A Novel 1D Hybrid Chaotic Map-Based Image Compression and Encryption Using Compressed Sensing and Fibonacci-Lucas Transform

A one-dimensional (1D) hybrid chaotic system is constructed by three different 1D chaotic maps in parallel-then-cascade fashion. The proposed chaotic map has larger key space and exhibits better uniform distribution property in some parametric range compared with existing 1D chaotic map. Meanwhile, with the combination of compressive sensing (CS) and Fibonacci-Lucas transform (FLT), a novel image compression and encryption scheme is proposed with the advantages of the 1D hybrid chaotic map. The whole encryption procedure includes compression by compressed sensing (CS), scrambling with FLT, and diffusion after linear scaling.
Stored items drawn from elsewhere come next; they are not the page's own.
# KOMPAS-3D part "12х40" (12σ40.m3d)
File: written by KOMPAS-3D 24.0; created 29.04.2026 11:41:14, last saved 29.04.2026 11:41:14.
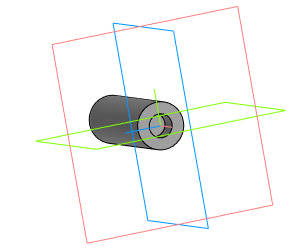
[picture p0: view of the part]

Document properties: Автор: USG_411; Полное имя файла: C:\Users\USG_411\Desktop\ИА-2904_411-12\12х40.m3d

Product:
- Part/product: 12х40
    Масса: 0.032874

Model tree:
1. Эскиз:1
2. Элемент выдавливания:1
     Расстояние 2 = 40
3. Эскиз:2  (with: Грань.Элемент выдавливания:1)
4. Элемент выдавливания:2
     Расстояние 2 = 6
5. Эскиз:3  (with: Грань.Элемент выдавливания:1)
6. Элемент выдавливания:3
     Расстояние 2 = 6

Bernoulli measurement matrix in CS is generated by the proposed 1D hybrid chaotic map due to its excellent uniform distribution. To enhance the security and complexity, transform kernel of FLT varies in each permutation round according to the generated chaotic sequences. Further, the key streams used in the diffusion process depend on the chaotic map as well as plain image, which could resist chosen plaintext attack (CPA). Experimental results and security analyses demonstrate the validity of our scheme in terms of high security and robustness against noise attack and cropping attack.